Uitspraak 200100439/1


Volledige tekst

200100439/1.
Datum uitspraak: 8 mei 2002

AFDELING
BESTUURSRECHTSPRAAK

Uitspraak op het hoger beroep van:

[appellant], wonend te [woonplaats]

tegen de uitspraak van de arrondissementsrechtbank te Rotterdam van 1 december 2000 in het geding tussen:

appellant

en

de Minister van Buitenlandse Zaken.

1. Procesverloop

Bij besluit van 5 juni 1998 is namens de Minister van Buitenlandse Zaken (hierna: de minister), voorzover thans van belang, geweigerd een [nationaliteit] uittreksel van een geboorteakte te legaliseren.

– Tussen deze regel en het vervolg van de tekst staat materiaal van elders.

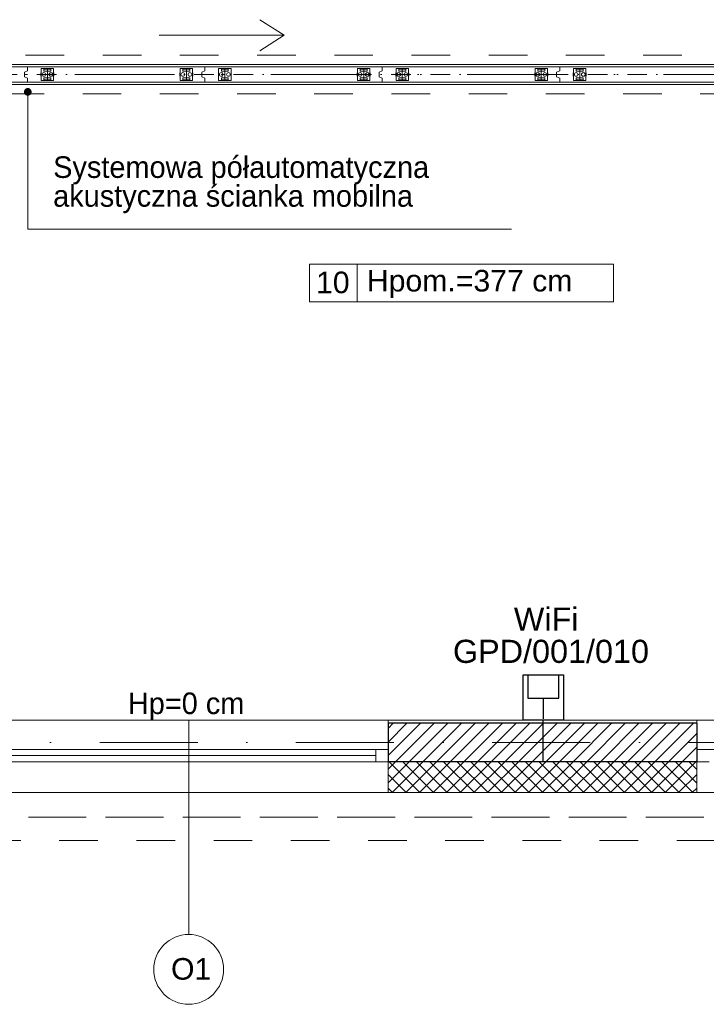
# Model space of a CAD drawing. Header units: metres. Extents: x 10441 to 19716, y -6570 to 1447.
# Tile 16 of 50: x 14892 to 15337, y -4411 to -3772. Entities that reach past the tile are written whole.
import ezdxf
from ezdxf.enums import TextEntityAlignment as Align

# ---------------------------------------------------------------- set-up
doc = ezdxf.new("R2010")
doc.units = ezdxf.units.M
doc.header["$MEASUREMENT"] = 0
for name, pattern in [('8', [0.5, 0.25, -0.25]), ('CONTINOUS', [0]), ('DASHDOT', [25.4, 12.7, -6.35, 0, -6.35])]:
    doc.linetypes.add(name, pattern=pattern)
doc.layers.get('0').update_dxf_attribs({"color": 8})
for name, color, linetype, lineweight in [('#elektryczne', 8, 'Continuous', 20), ('A_B.CIENKIE', 8, 'Continuous', 9), ('A_HACZE', 8, 'Continuous', 5), ('A_OPISY', 8, 'Continuous', 18), ('A_OSIE', 8, 'Continuous', 13), ('A_OZACZENIE DRZWI', 8, 'Continuous', 13), ('A_OZNACZENIA OKIEN', 8, 'Continuous', 13), ('A_PROJEKTOWANE ŚCIANY MUROWANE NOŚNE', 8, 'Continuous', 30), ('A_STAL CIENKIE', 8, 'Continuous', 0), ('A_STOLARKA', 8, 'Continuous', 5), ('A_TABELKI POM.', 8, 'Continuous', 20), ('A_TYNK', 8, 'Continuous', 5), ('A_WYMIARY WEWNETRZNE', 8, 'Continuous', 18), ('EB_LAN', 6, 'Continuous', 9)]:
    doc.layers.add(name, color=color, linetype=linetype, lineweight=lineweight)
doc.layers.add('A_OZNACZENIA WARSTW', color=8, linetype='Continuous')
doc.styles.add('ARIAL', font='arial.ttf')
doc.styles.add('m1_romans', font='romans.shx', dxfattribs={"width": 0.8})
doc.styles.add('opisy okien', font='txt', dxfattribs={"height": 15})

# ---------------------------------------------------------------- blocks, each defined once
blk = doc.blocks.new('_Dot')
at = {"color": 0, "linetype": 'ByBlock', "lineweight": -2}
blk.add_line((-0.5, 0), (-1, 0), dxfattribs=at)
at = {"color": 0, "linetype": 'ByBlock', "const_width": 0.5}
blk.add_lwpolyline([(-0.25, 0, 1), (0.25, 0, 1)], format="xyb", close=True, dxfattribs=at)
blk = doc.blocks.new('dwgobject_-16219539_1YUW54W')
for p, q in [((-500, 50), (500, 50)), ((500, -50), (-500, -50))]:
    blk.add_line(p, q)
blk = doc.blocks.new('GeometrySelector_1YUW54W3')
blk.add_blockref('dwgobject_-16219539_1YUW54W', (0, 0))
blk = doc.blocks.new('dwgobject_-16219532_1YUW54W')
blk.add_lwpolyline([(0, -50), (0, -24.40983), (20, -14.40983), (20, 14.40983), (0, 24.40983), (0, 50)])
blk = doc.blocks.new('GeometrySelector_1YUW54W5')
blk.add_blockref('dwgobject_-16219532_1YUW54W', (0, 0))
blk = doc.blocks.new('dwgobject_-16219454_1YUW54W')
for p, q in [((-40, 11.5), (-42, 11.5)), ((-42, -11.5), (-42, 11.5)), ((0, 34.9), (0, -34.9)), ((40, 11.5), (42, 11.5)), ((42, -11.5), (42, 11.5)), ((-40, -11.5), (-42, -11.5)), ((40, -11.5), (42, -11.5))]:
    blk.add_line(p, q)
at = {"flags": 128}
blk.add_lwpolyline([(40, -39), (40, 39), (-40, 39), (-40, -39)], close=True, dxfattribs=at)
for points in [[(22.5, 22.9, -0.414214), (21.5, 21.9), (-21.5, 21.9, -0.414214), (-22.5, 22.9), (-22.5, 33.9, -0.414214), (-21.5, 34.9), (21.5, 34.9, -0.414214), (22.5, 33.9)], [(22.5, -22.9, 0.414214), (21.5, -21.9), (-21.5, -21.9, 0.414214), (-22.5, -22.9), (-22.5, -33.9, 0.414214), (-21.5, -34.9), (21.5, -34.9, 0.414214), (22.5, -33.9)]]:
    blk.add_lwpolyline(points, format="xyb", close=True, dxfattribs=at)
for centre in [(-23, 0), (23, 0)]:
    blk.add_circle(centre, 12)
blk = doc.blocks.new('GeometrySelector_1YUW54W2')
blk.add_blockref('dwgobject_-16219454_1YUW54W', (0, 0))
blk = doc.blocks.new('co_panel_parts_moveo_trackroller_r_1YUW54W4')
blk.add_blockref('GeometrySelector_1YUW54W2', (0, 0, -3619))
blk = doc.blocks.new('co_panel_parts_moveo_trackroller_r_1YUW54W5')
blk.add_blockref('GeometrySelector_1YUW54W2', (0, 0, -3619))
blk = doc.blocks.new('dwgobject_-16219535_1YUW54W')
blk.add_lwpolyline([(0, -50), (0, -24.40983), (20, -14.40983), (20, 14.40983), (0, 24.40983), (0, 50)])
blk = doc.blocks.new('GeometrySelector_1YUW54W4')
blk.add_blockref('dwgobject_-16219535_1YUW54W', (0, 0))
blk = doc.blocks.new('co_panel_parts_moveo_trackroller_r_1YUW54W6')
blk.add_blockref('GeometrySelector_1YUW54W2', (0, 0, -3619))
blk = doc.blocks.new('co_panel_parts_moveo_trackroller_r_1YUW54W7')
blk.add_blockref('GeometrySelector_1YUW54W2', (0, 0, -3619))
blk = doc.blocks.new('co_panel_parts_moveo_trackroller_r_1YUW54W8')
blk.add_blockref('GeometrySelector_1YUW54W2', (0, 0, -3619))
blk = doc.blocks.new('co_panel_parts_moveo_trackroller_r_1YUW54W9')
blk.add_blockref('GeometrySelector_1YUW54W2', (0, 0, -3619))
blk = doc.blocks.new('co_panel_parts_moveo_trackroller_r_1YUW54W10')
blk.add_blockref('GeometrySelector_1YUW54W2', (0, 0, -3619))
blk = doc.blocks.new('podkład')
at = {"color": 8, "linetype": 'DASHDOT'}
blk.add_line((11192.75, -1563.2, 0.1), (10473.25, -1563.2, 0.1), dxfattribs=at)
at = {"layer": 'A_B.CIENKIE', "color": 8, "linetype": 'Continuous'}
for p, q in [((10881.34, -1537.82), (10865.42, -1527.7)), ((10800.31, -1537.82), (10881.34, -1537.82)), ((10881.34, -1537.82), (10865.42, -1547.95))]:
    blk.add_line(p, q, dxfattribs=at)
at = {"layer": 'A_B.CIENKIE', "color": 8, "linetype": '8', "ltscale": 100}
for p, q in [((11388.8, -1550.7), (10459.16, -1550.7)), ((11375.8, -1575.7), (10462.86, -1575.7))]:
    blk.add_line(p, q, dxfattribs=at)
at = {"layer": 'A_B.CIENKIE', "color": 8, "linetype": '8', "ltscale": 50}
blk.add_line((10690.6, -2044.7), (11260.6, -2044.7), dxfattribs=at)
at = {"layer": 'A_HACZE', "color": 8, "linetype": 'Continuous'}
for p, q in [((10969.64, -1983.7), (10948.6, -2004.74)), ((10960.8, -1983.7), (10948.6, -1995.9)), ((10951.96, -1983.7), (10948.6, -1987.06)), ((10978.48, -1983.7), (10953.48, -2008.7)), ((10987.32, -1983.7), (10962.32, -2008.7)), ((10996.16, -1983.7), (10971.16, -2008.7)), ((11005, -1983.7), (10980, -2008.7)), ((11013.83, -1983.7), (10988.83, -2008.7)), ((11022.67, -1983.7), (10997.67, -2008.7)), ((11031.51, -1983.7), (11006.51, -2008.7)), ((11040.35, -1983.7), (11015.35, -2008.7)), ((11049.19, -1983.7), (11024.19, -2008.7)), ((11058.03, -1983.7), (11033.03, -2008.7)), ((11066.87, -1983.7), (11041.87, -2008.7)), ((11075.71, -1983.7), (11050.71, -2008.7)), ((11084.54, -1983.7), (11059.54, -2008.7)), ((11093.38, -1983.7), (11068.38, -2008.7)), ((11102.22, -1983.7), (11077.22, -2008.7)), ((11111.06, -1983.7), (11086.06, -2008.7)), ((11119.9, -1983.7), (11094.9, -2008.7)), ((11128.74, -1983.7), (11103.74, -2008.7)), ((11137.58, -1983.7), (11112.58, -2008.7)), ((11146.42, -1983.7), (11121.42, -2008.7)), ((11148.6, -1990.35), (11130.26, -2008.7)), ((11148.6, -1999.19), (11139.09, -2008.7)), ((10962.32, -2008.7), (10948.6, -2022.41)), ((10953.48, -2008.7), (10948.6, -2013.58)), ((10969.21, -2028.7), (10949.21, -2008.7)), ((10971.16, -2008.7), (10951.16, -2028.7)), ((10978.04, -2028.7), (10958.04, -2008.7)), ((10980, -2008.7), (10960, -2028.7)), ((10986.88, -2028.7), (10966.88, -2008.7)), ((10988.84, -2008.7), (10968.84, -2028.7)), ((10995.72, -2028.7), (10975.72, -2008.7)), ((10997.68, -2008.7), (10977.68, -2028.7)), ((11004.56, -2028.7), (10984.56, -2008.7)), ((11006.51, -2008.7), (10986.51, -2028.7)), ((11013.4, -2028.7), (10993.4, -2008.7)), ((11015.35, -2008.7), (10995.35, -2028.7)), ((11022.24, -2028.7), (11002.24, -2008.7)), ((11024.19, -2008.7), (11004.19, -2028.7)), ((11031.08, -2028.7), (11011.08, -2008.7)), ((11033.03, -2008.7), (11013.03, -2028.7)), ((11039.92, -2028.7), (11019.92, -2008.7)), ((11041.87, -2008.7), (11021.87, -2028.7)), ((11048.75, -2028.7), (11028.75, -2008.7)), ((11050.71, -2008.7), (11030.71, -2028.7)), ((11057.59, -2028.7), (11037.59, -2008.7)), ((11059.55, -2008.7), (11039.55, -2028.7)), ((11066.43, -2028.7), (11046.43, -2008.7)), ((11068.39, -2008.7), (11048.39, -2028.7)), ((11075.27, -2028.7), (11055.27, -2008.7)), ((11077.22, -2008.7), (11057.22, -2028.7)), ((11084.11, -2028.7), (11064.11, -2008.7)), ((11086.06, -2008.7), (11066.06, -2028.7)), ((11092.95, -2028.7), (11072.95, -2008.7)), ((11094.9, -2008.7), (11074.9, -2028.7)), ((11101.79, -2028.7), (11081.79, -2008.7)), ((11103.74, -2008.7), (11083.74, -2028.7)), ((11110.63, -2028.7), (11090.63, -2008.7)), ((11112.58, -2008.7), (11092.58, -2028.7)), ((11119.47, -2028.7), (11099.47, -2008.7)), ((11121.42, -2008.7), (11101.42, -2028.7)), ((11128.3, -2028.7), (11108.3, -2008.7)), ((11130.26, -2008.7), (11110.26, -2028.7)), ((11137.14, -2028.7), (11117.14, -2008.7)), ((11139.1, -2008.7), (11119.1, -2028.7)), ((11145.98, -2028.7), (11125.98, -2008.7)), ((11147.94, -2008.7), (11127.94, -2028.7)), ((11148.6, -2022.48), (11134.82, -2008.7)), ((11148.6, -2013.64), (11143.66, -2008.7)), ((11148.6, -2008.03), (11147.93, -2008.7)), ((10960.37, -2028.7), (10948.6, -2016.93)), ((11148.6, -2016.87), (11136.77, -2028.7)), ((10951.53, -2028.7), (10948.6, -2025.77)), ((11148.6, -2025.71), (11145.61, -2028.7))]:
    blk.add_line(p, q, dxfattribs=at)
at = {"layer": 'A_OPISY', "color": 8, "linetype": 'CONTINOUS', "ltscale": 0.1}
blk.add_lwpolyline([(10715.22, -1579.48), (10715.22, -1663.46), (11028.55, -1663.46)], dxfattribs=at)
at = {"layer": 'A_OSIE', "color": 8, "linetype": 'DASHDOT', "ltscale": 5}
for p, q in [((11698.79, -1563.2), (10108.73, -1563.2)), ((14256.99, -1996.2), (10108.73, -1996.2))]:
    blk.add_line(p, q, dxfattribs=at)
at = {"layer": 'A_OZNACZENIA OKIEN', "color": 8}
blk.add_line((10819.6, -2120.21), (10819.6, -1981.7), dxfattribs=at)
at = {"layer": 'A_OZNACZENIA WARSTW', "color": 8, "linetype": 'Continuous'}
blk.add_line((11049.12, -2008.7), (11049.12, -1981.7), dxfattribs=at)
at = {"layer": 'A_PROJEKTOWANE ŚCIANY MUROWANE NOŚNE', "color": 8}
for p, q in [((11148.6, -1983.7), (10948.6, -1983.7)), ((10948.6, -1983.7), (10948.6, -2008.7)), ((11148.6, -1983.7), (11148.6, -2008.7)), ((11148.6, -2008.7), (10948.6, -2008.7))]:
    blk.add_line(p, q, dxfattribs=at)
at = {"layer": 'A_STAL CIENKIE', "color": 8, "linetype": '8', "ltscale": 100}
for p, q in [((10470.62, -2044.7), (13910.62, -2044.7)), ((13910.62, -2059.7), (10470.62, -2059.7))]:
    blk.add_line(p, q, dxfattribs=at)
at = {"layer": 'A_STOLARKA', "color": 8}
for p, q in [((11152.75, -1556.8, 0.1), (10552.75, -1556.8, 0.1)), ((11152.75, -1556.8, 0.1), (11162.35, -1556.8, 0.1)), ((11152.75, -1558.3, 0.1), (10552.75, -1558.3, 0.1)), ((11152.75, -1558.3, 0.1), (10552.75, -1558.3, 0.1)), ((10552.75, -1558.3, 0.1), (11163.75, -1558.3, 0.1)), ((10552.75, -1568.1, 0.1), (11152.75, -1568.1, 0.1)), ((11152.75, -1568.1, 0.1), (10552.75, -1568.1, 0.1)), ((10552.75, -1568.1, 0.1), (11192.75, -1568.1, 0.1)), ((11152.75, -1569.6, 0.1), (10552.75, -1569.6, 0.1)), ((11175.15, -1569.6, 0.1), (11152.75, -1569.6, 0.1)), ((10690.6, -1981.7), (10948.6, -1981.7)), ((10948.6, -1981.7), (10948.6, -2028.7)), ((11260.6, -1981.7), (11148.6, -1981.7)), ((11148.6, -1981.7), (11148.6, -2028.7)), ((10948.6, -2000.7), (10690.6, -2000.7)), ((10940.6, -2008.7), (10940.6, -2000.7)), ((10940.6, -2000.7), (10948.6, -2000.7)), ((10948.6, -2000.7), (10948.6, -2008.7)), ((11148.6, -2000.7), (11260.6, -2000.7)), ((11156.6, -2000.7), (11148.6, -2000.7)), ((11148.6, -2000.7), (11148.6, -2008.7)), ((10940.6, -2008.7), (10690.6, -2008.7)), ((10940.6, -2004.7), (10698.6, -2004.7)), ((10948.6, -2008.7), (10940.6, -2008.7)), ((10948.6, -2008.7), (10944.6, -2008.7)), ((11148.6, -2008.7), (11152.6, -2008.7)), ((11148.6, -2008.7), (11156.6, -2008.7)), ((10948.6, -2028.7), (10690.6, -2028.7)), ((11148.6, -2028.7), (11260.6, -2028.7))]:
    blk.add_line(p, q, dxfattribs=at)
at = {"layer": 'A_TYNK', "color": 8, "linetype": 'Continuous'}
for p, q in [((11148.6, -1981.7), (10948.6, -1981.7)), ((11148.6, -2028.7), (10948.6, -2028.7)), ((11148.6, -2028.7), (10948.6, -2028.7))]:
    blk.add_line(p, q, dxfattribs=at)
at = {"layer": 'A_WYMIARY WEWNETRZNE', "color": 8, "linetype": 'Continuous'}
for p, q in [((10897.59, -1710.48), (10897.59, -1686.26)), ((10897.59, -1686.26), (11094.57, -1686.26)), ((10928.47, -1686.26), (10928.47, -1710.48)), ((11094.57, -1686.26), (11094.57, -1710.48)), ((11094.57, -1710.48), (10897.59, -1710.48))]:
    blk.add_line(p, q, dxfattribs=at)
blk.add_circle((10819.42, -2143.28), 22.63, dxfattribs=at)
at = {"layer": 'A_OPISY', "color": 8, "linetype": 'CONTINOUS', "ltscale": 0.1, "xscale": 5, "yscale": 5, "zscale": 5, "rotation": 90}
blk.add_blockref('_Dot', (10715.22, -1574.48), dxfattribs=at)
at = {"layer": 'A_STOLARKA', "color": 8, "yscale": 0.1, "zscale": 0.1}
for name, p, xscale in [('GeometrySelector_1YUW54W3', (10657.6, -1563.2), -0.1149), ('GeometrySelector_1YUW54W5', (10715.05, -1563.2), -0.1), ('GeometrySelector_1YUW54W4', (10715.05, -1563.2), -0.1), ('GeometrySelector_1YUW54W3', (10772.5, -1563.2), -0.1149), ('co_panel_parts_moveo_trackroller_r_1YUW54W4', (10727.95, -1563.2, 361.9), -0.1), ('co_panel_parts_moveo_trackroller_r_1YUW54W5', (10817.95, -1563.2, 361.9), -0.1), ('GeometrySelector_1YUW54W5', (10829.95, -1563.2), -0.1), ('GeometrySelector_1YUW54W4', (10829.95, -1563.2), -0.1), ('GeometrySelector_1YUW54W3', (10887.4, -1563.2), -0.1149), ('co_panel_parts_moveo_trackroller_r_1YUW54W6', (10842.85, -1563.2, 361.9), -0.1), ('co_panel_parts_moveo_trackroller_r_1YUW54W7', (10932.85, -1563.2, 361.9), -0.1), ('GeometrySelector_1YUW54W5', (10944.85, -1563.2), -0.1), ('GeometrySelector_1YUW54W4', (10944.85, -1563.2), -0.1), ('GeometrySelector_1YUW54W3', (11002.3, -1563.2), -0.1149), ('co_panel_parts_moveo_trackroller_r_1YUW54W8', (10957.75, -1563.2, 361.9), -0.1), ('co_panel_parts_moveo_trackroller_r_1YUW54W9', (11047.75, -1563.2, 361.9), -0.1), ('GeometrySelector_1YUW54W5', (11059.75, -1563.2), -0.1), ('GeometrySelector_1YUW54W4', (11059.75, -1563.2), -0.1), ('GeometrySelector_1YUW54W3', (11117.25, -1563.2), -0.115), ('co_panel_parts_moveo_trackroller_r_1YUW54W10', (11072.75, -1563.2, 361.9), -0.1)]:
    blk.add_blockref(name, p, dxfattribs=dict(at, xscale=xscale))
at = {"layer": 'A_OPISY', "color": 8, "linetype": 'Continuous', "lineweight": 18, "style": 'opisy okien'}
for s, p in [('Systemowa półautomatyczna', (10731.67, -1630.26)), ('akustyczna ścianka mobilna', (10731.67, -1648.93))]:
    blk.add_text(s, height=14, dxfattribs=at).set_placement(p)
at = {"layer": 'A_OZACZENIE DRZWI', "color": 8, "ltscale": 0.1, "style": 'm1_romans', "width": 0.8}
for rotation, p in [(98.48606, (12735.07, -773.13)), (359.99999, (12573.8, -1012.7)), (89.99999, (11565.29, -1150.14)), (89.99999, (11872.29, -1150.14)), (89.99999, (12230.03, -1245.64)), (89.99999, (12385.87, -1249.44)), (89.99999, (11565.29, -1370.89)), (89.99999, (11872.29, -1370.89)), (89.99999, (12230.03, -1370.89)), (89.99999, (12389.3, -1370.89)), (89.99999, (11748.79, -1556.15)), (89.99999, (11986.6, -1556.15)), (89.99999, (12389.3, -1556.15)), (359.99999, (12235.05, -1664.2)), (359.99999, (12235.05, -1880.2)), (89.99999, (11745.78, -2001.94))]:
    blk.add_attdef('SZEROKOSC', text='', height=10, rotation=rotation, dxfattribs=at).set_placement(p, align=Align.BOTTOM_CENTER)
for rotation, p in [(98.48606, (12738.56, -773.47)), (359.99999, (12572.95, -1016.09)), (89.99999, (11568.68, -1150.99)), (89.99999, (11875.68, -1150.99)), (89.99999, (12233.42, -1246.49)), (89.99999, (12389.27, -1250.29)), (89.99999, (11568.68, -1371.74)), (89.99999, (11875.68, -1371.74)), (89.99999, (12233.42, -1371.74)), (89.99999, (12392.69, -1371.74)), (89.99999, (11752.19, -1557)), (89.99999, (11990, -1557)), (89.99999, (12392.69, -1557)), (359.99999, (12234.2, -1667.59)), (359.99999, (12234.2, -1883.59)), (89.99999, (11749.18, -2002.79))]:
    blk.add_attdef('WYSOKOSC', text='', height=10, rotation=rotation, dxfattribs=at).set_placement(p, align=Align.TOP_CENTER)
at = {"layer": 'A_OZNACZENIA OKIEN', "color": 8, "linetype": 'Continuous', "lineweight": 18}
for s, style, p in [('Hpom.=377 cm', 'ARIAL', (10934.84, -1703.87)), ('Hp=0 cm', 'opisy okien', (10780.05, -1977.81)), ('O1', 'ARIAL', (10807.99, -2149.94))]:
    blk.add_text(s, height=14, dxfattribs=dict(at, style=style)).set_placement(p)
at = {"layer": 'A_OZNACZENIA OKIEN', "color": 8, "ltscale": 0.1, "style": 'm1_romans', "width": 0.8}
for rotation, p in [(278.86761, (13373.71, -593.04)), (278.86761, (12983.87, -650.74)), (278.86761, (12445.73, -730.4)), (278.86761, (12224.15, -763.19)), (0.00001, (14017.48, -900.03)), (278.86761, (11021.54, -941.2)), (278.86761, (10640.69, -997.57)), (0.00001, (14017.48, -1574.7)), (89.99999, (10819.6, -2080.7)), (89.99999, (11204.6, -2080.7)), (89.99999, (11970.6, -2080.7)), (89.99999, (13175.8, -2080.7)), (89.99999, (13539.8, -2080.7))]:
    blk.add_attdef('SZEROKOSC', text='', height=10, rotation=rotation, dxfattribs=at).set_placement(p, align=Align.BOTTOM_CENTER)
for rotation, p in [(278.86761, (13403.28, -587.56)), (278.86761, (13013.44, -645.27)), (278.86761, (12475.3, -724.92)), (278.86761, (12253.72, -757.72)), (0.00001, (14011.09, -903.42)), (278.86761, (11051.11, -935.72)), (278.86761, (10670.26, -992.09)), (0.00001, (14011.09, -1578.09)), (89.99999, (10823, -2081.55)), (89.99999, (11208, -2081.55)), (89.99999, (11974, -2081.55)), (89.99999, (13179.19, -2081.55)), (89.99999, (13543.19, -2081.55))]:
    blk.add_attdef('WYSOKOSC', text='', height=10, rotation=rotation, dxfattribs=at).set_placement(p, align=Align.TOP_CENTER)
at = {"layer": 'A_TABELKI POM.', "color": 8, "linetype": 'Continuous', "lineweight": 18, "style": 'ARIAL'}
blk.add_text('10', height=14, dxfattribs=at).set_placement((10901.92, -1704.98))
blk = doc.blocks.new('Gniazdo RJ45')
at = {"layer": 'EB_LAN', "linetype": 'Continuous', "lineweight": 30}
for points in [[(2694.8125, 1885.649), (2694.8125, 1885.824), (2694.6175, 1885.824), (2694.6175, 1885.649), (2694.8125, 1885.649)], [(2694.8125, 1885.669), (2694.7125, 1885.669), (2694.7125, 1885.804), (2694.8125, 1885.804)], [(2694.7125, 1885.7365), (2694.6225, 1885.7365)]]:
    blk.add_lwpolyline(points, dxfattribs=at)

msp = doc.modelspace()

# ---------------------------------------------------------------- block references
at = {"layer": '#elektryczne', "color": 8, "linetype": 'Continuous', "lineweight": 18}
msp.add_blockref('podkład', (4182.37, -2244.78), dxfattribs=at)
at = {"layer": 'EB_LAN', "xscale": -150, "yscale": 150, "zscale": 149.9999999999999, "rotation": 270.0000000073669}
msp.add_blockref('Gniazdo RJ45', (-267628.98, -408419.11), dxfattribs=at)

# ---------------------------------------------------------------- next in the draw order: texts
at = {"layer": 'EB_LAN', "char_height": 15, "attachment_point": 1, "style": 'ARIAL', "bg_fill": 2}
for s, insert, width in [('WiFi', (15212.39, -4153.5), 228.5456), ('GPD/001/010', (15172.98, -4174.4), 112.1896)]:
    msp.add_mtext(s, dxfattribs=dict(at, insert=insert, width=width))

doc.saveas('drawing.dxf')

Bij besluit van 22 februari 1999 heeft de minister het daartegen door appellant gemaakte bezwaar ongegrond verklaard. Dit besluit is aangehecht.

Bij uitspraak van 1 december 2000, verzonden op 13 december 2000, heeft de arrondissementsrechtbank te Rotterdam (hierna: de rechtbank) het daartegen door appellant ingestelde beroep ongegrond verklaard. Deze uitspraak is aangehecht.

Tegen deze uitspraak heeft appellant bij faxbericht, bij de Raad van State ingekomen op 24 januari 2001, hoger beroep ingesteld. De gronden zijn aangevuld bij faxbericht van 28 maart 2001. Deze faxberichten zijn aangehecht.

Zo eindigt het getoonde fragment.